Heat the oil in a large pot over medium-high heat. Season the pork and chicken with 1 teaspoon of salt and freshly ground black pepper to taste. Working in 2 batches, so that you don’t overcrowd the pan, brown the meat on all sides, about 5 minutes a side. Remove the meat as you brown it and set it on a plate. Pour off all but 1 tablespoon of the fat.

Lower the heat to medium and add the onion to the pot. Cook until softened, about 6 minutes. Add the garlic and oregano and cook for another minute. Add the pork, chicken and chicken stock and bring to a boil over medium-high heat. Lower the heat to low and simmer, covered, for 1-1/2 to 2 hours, or until the pork and chicken are tender. Skim as much fat as possible from the top. Remove the pork and chicken from the broth and cool.

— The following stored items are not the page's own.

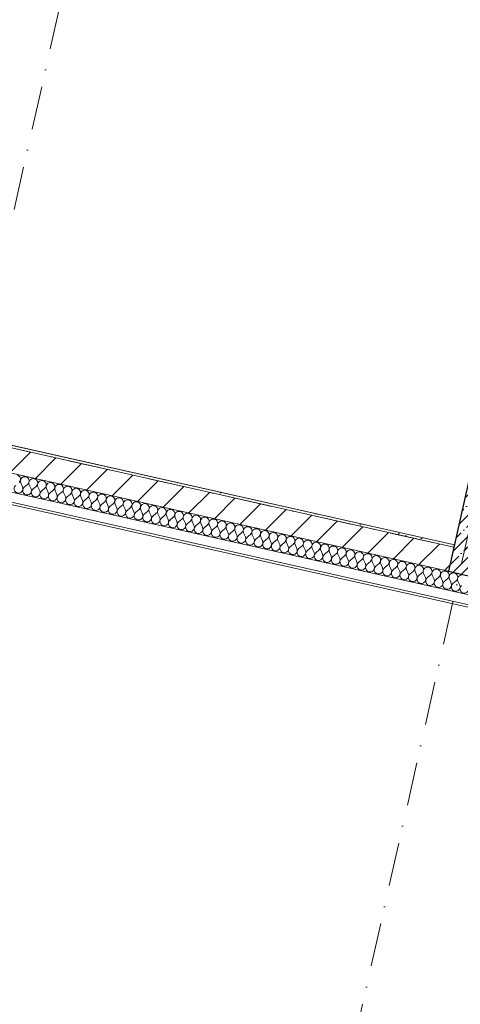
# Model space of a CAD drawing. Header units: millimetres. Extents: x -7145531 to -6681560, y 6117368 to 6219355.
# Tile 8 of 144: x -6954053 to -6950471, y 6131144 to 6139148. Entities that reach past the tile are written whole.
import ezdxf
from ezdxf.enums import TextEntityAlignment as Align

# ---------------------------------------------------------------- set-up
doc = ezdxf.new("R2010")
doc.units = ezdxf.units.MM
doc.header["$MEASUREMENT"] = 0
doc.linetypes.add('Штрихпунктирная', pattern=[670.277762, 352.777767, -176.388884, 0, -141.111112])
for name, color, linetype in [('S - МОП.АР', 7, 'Continuous'), ('АР-Стены_внутренние_пилоны.АР', 7, 'Continuous'), ('АР-Чертеж-Оси_Осевые размеры.АР', 7, 'Continuous'), ('Кровля', 7, 'Continuous')]:
    doc.layers.add(name, color=color, linetype=linetype)
for name, color, linetype, lineweight in [('АР-Стены_внутренние_пилоны.АР_Ном._пера__1', 7, 'Continuous', 30), ('АР-Чертеж-Оси_Осевые размеры.АР_Ном._пера__120', 7, 'Continuous', 0), ('Кровля_Ном._пера__1', 7, 'Continuous', 0)]:
    doc.layers.add(name, color=color, linetype=linetype, lineweight=lineweight)
doc.styles.add('РЎР“Р•РќР•Р\xa0Р\x98Р\xa0_РЎРўР\x98Р›Р¬_3', font='GOTHIC.TTF')
pattern_1 = [(45, (-6338440.43, 6562275.56), (-84.852814, 84.852814), []), (45, (-6338482.86, 6562317.98), (-84.852814, 84.852814), [90, -30, 0, -30])]

# ---------------------------------------------------------------- blocks, each defined once
blk = doc.blocks.new('*X764', base_point=(-6338440.4, 6562275.6))
at = {"layer": 'Кровля_Ном._пера__1', "color": 7, "linetype": 'Continuous', "lineweight": 0}
for p, q in [((-6954029.5, 6135350.4), (-6954044.2, 6135383)), ((-6954015.6, 6135347.3), (-6953988.4, 6135370.5)), ((-6953959.9, 6135334.8), (-6953974.5, 6135367.4)), ((-6953945.9, 6135331.7), (-6953918.7, 6135354.8)), ((-6953890.2, 6135319.1), (-6953904.8, 6135351.7)), ((-6953876.2, 6135316), (-6953849.1, 6135339.2)), ((-6953820.5, 6135303.5), (-6953835.1, 6135336.1)), ((-6953806.5, 6135300.4), (-6953779.4, 6135323.5)), ((-6953750.8, 6135287.8), (-6953765.4, 6135320.4)), ((-6953736.8, 6135284.7), (-6953709.7, 6135307.9)), ((-6953681.1, 6135272.2), (-6953695.7, 6135304.8)), ((-6953667.1, 6135269.1), (-6953640, 6135292.2)), ((-6953611.4, 6135256.5), (-6953626, 6135289.1)), ((-6953597.4, 6135253.4), (-6953570.3, 6135276.6)), ((-6953541.7, 6135240.9), (-6953556.3, 6135273.5)), ((-6953527.8, 6135237.8), (-6953500.6, 6135260.9)), ((-6953472, 6135225.2), (-6953486.6, 6135257.8)), ((-6953458.1, 6135222.1), (-6953430.9, 6135245.3)), ((-6953402.3, 6135209.6), (-6953417, 6135242.2)), ((-6953388.4, 6135206.4), (-6953361.2, 6135229.6)), ((-6953332.6, 6135193.9), (-6953347.3, 6135226.5)), ((-6953318.7, 6135190.8), (-6953291.5, 6135214)), ((-6953262.9, 6135178.3), (-6953277.6, 6135210.8)), ((-6953249, 6135175.1), (-6953221.8, 6135198.3)), ((-6953193.2, 6135162.6), (-6953207.9, 6135195.2)), ((-6953179.3, 6135159.5), (-6953152.1, 6135182.7)), ((-6953123.5, 6135147), (-6953138.2, 6135179.5)), ((-6953109.6, 6135143.8), (-6953082.4, 6135167)), ((-6953053.8, 6135131.3), (-6953068.5, 6135163.9)), ((-6953039.9, 6135128.2), (-6953012.7, 6135151.4)), ((-6952984.2, 6135115.7), (-6952998.8, 6135148.2)), ((-6952970.2, 6135112.5), (-6952943, 6135135.7)), ((-6952914.5, 6135100), (-6952929.1, 6135132.6)), ((-6952900.5, 6135096.9), (-6952873.4, 6135120.1)), ((-6952844.8, 6135084.4), (-6952859.4, 6135116.9)), ((-6952830.8, 6135081.2), (-6952803.7, 6135104.4)), ((-6952775.1, 6135068.7), (-6952789.7, 6135101.3)), ((-6952761.1, 6135065.6), (-6952734, 6135088.8)), ((-6952705.4, 6135053.1), (-6952720, 6135085.6)), ((-6952691.4, 6135049.9), (-6952664.3, 6135073.1)), ((-6952635.7, 6135037.4), (-6952650.3, 6135070)), ((-6952621.8, 6135034.3), (-6952594.6, 6135057.5)), ((-6952566, 6135021.8), (-6952580.6, 6135054.3)), ((-6952552.1, 6135018.6), (-6952524.9, 6135041.8)), ((-6952496.3, 6135006.1), (-6952511, 6135038.7)), ((-6952482.4, 6135003), (-6952455.2, 6135026.2)), ((-6952426.6, 6134990.5), (-6952441.3, 6135023)), ((-6952412.7, 6134987.3), (-6952385.5, 6135010.5)), ((-6952356.9, 6134974.8), (-6952371.6, 6135007.4)), ((-6952343, 6134971.7), (-6952315.8, 6134994.9)), ((-6952287.2, 6134959.1), (-6952301.9, 6134991.7)), ((-6952273.3, 6134956), (-6952246.1, 6134979.2)), ((-6952217.5, 6134943.5), (-6952232.2, 6134976.1)), ((-6952203.6, 6134940.4), (-6952176.4, 6134963.5)), ((-6952147.8, 6134927.8), (-6952162.5, 6134960.4)), ((-6952133.9, 6134924.7), (-6952106.7, 6134947.9)), ((-6952078.1, 6134912.2), (-6952092.8, 6134944.8)), ((-6952064.2, 6134909.1), (-6952037, 6134932.2)), ((-6952008.5, 6134896.5), (-6952023.1, 6134929.1)), ((-6951994.5, 6134893.4), (-6951967.3, 6134916.6)), ((-6951938.8, 6134880.9), (-6951953.4, 6134913.5)), ((-6951924.8, 6134877.8), (-6951897.7, 6134900.9)), ((-6951869.1, 6134865.2), (-6951883.7, 6134897.8)), ((-6951855.1, 6134862.1), (-6951828, 6134885.3)), ((-6951799.4, 6134849.6), (-6951814, 6134882.2)), ((-6951785.4, 6134846.5), (-6951758.3, 6134869.6)), ((-6951729.7, 6134833.9), (-6951744.3, 6134866.5)), ((-6951715.7, 6134830.8), (-6951688.6, 6134854)), ((-6951660, 6134818.3), (-6951674.6, 6134850.9)), ((-6951646.1, 6134815.2), (-6951618.9, 6134838.3)), ((-6951590.3, 6134802.6), (-6951604.9, 6134835.2)), ((-6951576.4, 6134799.5), (-6951549.2, 6134822.7)), ((-6951520.6, 6134787), (-6951535.3, 6134819.6)), ((-6951506.7, 6134783.9), (-6951479.5, 6134807)), ((-6951450.9, 6134771.3), (-6951465.6, 6134803.9)), ((-6951437, 6134768.2), (-6951409.8, 6134791.4)), ((-6951381.2, 6134755.7), (-6951395.9, 6134788.2)), ((-6951367.3, 6134752.5), (-6951340.1, 6134775.7)), ((-6951311.5, 6134740), (-6951326.2, 6134772.6)), ((-6951297.6, 6134736.9), (-6951270.4, 6134760.1)), ((-6951241.8, 6134724.4), (-6951256.5, 6134756.9)), ((-6951227.9, 6134721.2), (-6951200.7, 6134744.4)), ((-6951172.1, 6134708.7), (-6951186.8, 6134741.3)), ((-6951158.2, 6134705.6), (-6951131, 6134728.8)), ((-6951102.5, 6134693.1), (-6951117.1, 6134725.6)), ((-6951088.5, 6134689.9), (-6951061.3, 6134713.1)), ((-6951032.8, 6134677.4), (-6951047.4, 6134710)), ((-6951018.8, 6134674.3), (-6950991.7, 6134697.5)), ((-6950963.1, 6134661.8), (-6950977.7, 6134694.3)), ((-6950949.1, 6134658.6), (-6950922, 6134681.8)), ((-6950893.4, 6134646.1), (-6950908, 6134678.7)), ((-6950879.4, 6134643), (-6950852.3, 6134666.2)), ((-6950823.7, 6134630.5), (-6950838.3, 6134663)), ((-6950809.7, 6134627.3), (-6950782.6, 6134650.5)), ((-6950754, 6134614.8), (-6950768.6, 6134647.4)), ((-6950740.1, 6134611.7), (-6950712.9, 6134634.9)), ((-6950684.3, 6134599.2), (-6950698.9, 6134631.7)), ((-6950670.4, 6134596), (-6950643.2, 6134619.2)), ((-6950614.6, 6134583.5), (-6950629.3, 6134616.1)), ((-6950600.7, 6134580.4), (-6950573.5, 6134603.6)), ((-6950544.9, 6134567.9), (-6950559.6, 6134600.4)), ((-6950531, 6134564.7), (-6950503.8, 6134587.9)), ((-6950475.2, 6134552.2), (-6950489.9, 6134584.8))]:
    blk.add_line(p, q, dxfattribs=at)
for centre, start, end in [((-6954081.3, 6135413.3), 310.47248, 77.34238), ((-6954011.6, 6135397.7), 77.34238, 204.21227), ((-6954011.6, 6135397.7), 310.47248, 77.34238), ((-6953941.9, 6135382), 77.34238, 204.21227), ((-6953941.9, 6135382), 310.47248, 77.34238), ((-6953872.2, 6135366.4), 77.34238, 204.21227), ((-6953872.2, 6135366.4), 310.47248, 77.34238), ((-6953802.5, 6135350.7), 77.34238, 204.21227), ((-6953802.5, 6135350.7), 310.47248, 77.34238), ((-6954062.1, 6135335.8), 130.47248, 24.21227), ((-6953992.4, 6135320.1), 130.47248, 24.21227), ((-6953922.7, 6135304.5), 130.47248, 24.21227), ((-6953853, 6135288.8), 130.47248, 24.21227), ((-6953783.3, 6135273.2), 130.47248, 24.21227), ((-6953732.8, 6135335.1), 77.34238, 204.21227), ((-6953732.8, 6135335.1), 310.47248, 77.34238), ((-6953663.2, 6135319.4), 77.34238, 204.21227), ((-6953663.2, 6135319.4), 310.47248, 77.34238), ((-6953593.5, 6135303.8), 77.34238, 204.21227), ((-6953593.5, 6135303.8), 310.47248, 77.34238), ((-6953523.8, 6135288.1), 77.34238, 204.21227), ((-6953523.8, 6135288.1), 310.47248, 77.34238), ((-6953454.1, 6135272.4), 77.34238, 204.21227), ((-6953454.1, 6135272.4), 310.47248, 77.34238), ((-6953713.7, 6135257.5), 130.47248, 24.21227), ((-6953644, 6135241.9), 130.47248, 24.21227), ((-6953574.3, 6135226.2), 130.47248, 24.21227), ((-6953504.6, 6135210.6), 130.47248, 24.21227), ((-6953434.9, 6135194.9), 130.47248, 24.21227), ((-6953384.4, 6135256.8), 77.34238, 204.21227), ((-6953384.4, 6135256.8), 310.47248, 77.34238), ((-6953314.7, 6135241.1), 77.34238, 204.21227), ((-6953314.7, 6135241.1), 310.47248, 77.34238), ((-6953245, 6135225.5), 77.34238, 204.21227), ((-6953245, 6135225.5), 310.47248, 77.34238), ((-6953175.3, 6135209.8), 77.34238, 204.21227), ((-6953175.3, 6135209.8), 310.47248, 77.34238), ((-6953105.6, 6135194.2), 77.34238, 204.21227), ((-6953105.6, 6135194.2), 310.47248, 77.34238), ((-6953365.2, 6135179.3), 130.47248, 24.21227), ((-6953295.5, 6135163.6), 130.47248, 24.21227), ((-6953225.8, 6135148), 130.47248, 24.21227), ((-6953156.1, 6135132.3), 130.47248, 24.21227), ((-6953086.4, 6135116.7), 130.47248, 24.21227), ((-6953035.9, 6135178.5), 77.34238, 204.21227), ((-6953035.9, 6135178.5), 310.47248, 77.34238), ((-6952966.2, 6135162.9), 77.34238, 204.21227), ((-6952966.2, 6135162.9), 310.47248, 77.34238), ((-6952896.5, 6135147.2), 77.34238, 204.21227), ((-6952896.5, 6135147.2), 310.47248, 77.34238), ((-6952826.8, 6135131.6), 77.34238, 204.21227), ((-6952826.8, 6135131.6), 310.47248, 77.34238), ((-6952757.2, 6135115.9), 77.34238, 204.21227), ((-6952757.2, 6135115.9), 310.47248, 77.34238), ((-6953016.7, 6135101), 130.47248, 24.21227), ((-6952947, 6135085.4), 130.47248, 24.21227), ((-6952877.3, 6135069.7), 130.47248, 24.21227), ((-6952807.6, 6135054.1), 130.47248, 24.21227), ((-6952738, 6135038.4), 130.47248, 24.21227), ((-6952687.5, 6135100.3), 77.34238, 204.21227), ((-6952687.5, 6135100.3), 310.47248, 77.34238), ((-6952617.8, 6135084.6), 77.34238, 204.21227), ((-6952617.8, 6135084.6), 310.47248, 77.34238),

Meanwhile, place the tomatillos and serranos in a small baking dish under a preheated broiler. Broil until the tomatillos and chiles are blackened in spots, turn over and blacken in spots on the other side. Let them cool and remove and discard the stems from both the tomatillos and chiles. Transfer to a blender with the 1/2 cup of the liquid from the soup, pumpkin seeds, and cilantro. Blend until smooth.

When the meat is cool enough to handle, remove the skin and bones from the chicken and shred both chicken and pork into bite-sized pieces.

Strain the broth and discard the solids and return the stock to the soup pot. Add the tomatillo-pumpkin seed mixture and the hominy and return to a gentle simmer over low heat. Cook for about 20 minutes to allow the flavors to blend. Add the chicken, pork and remaining salt back into the pot and cook for 5 minutes.

Ladle into heated bowls and serve with the avocado, cilantro, onion and lime wedges.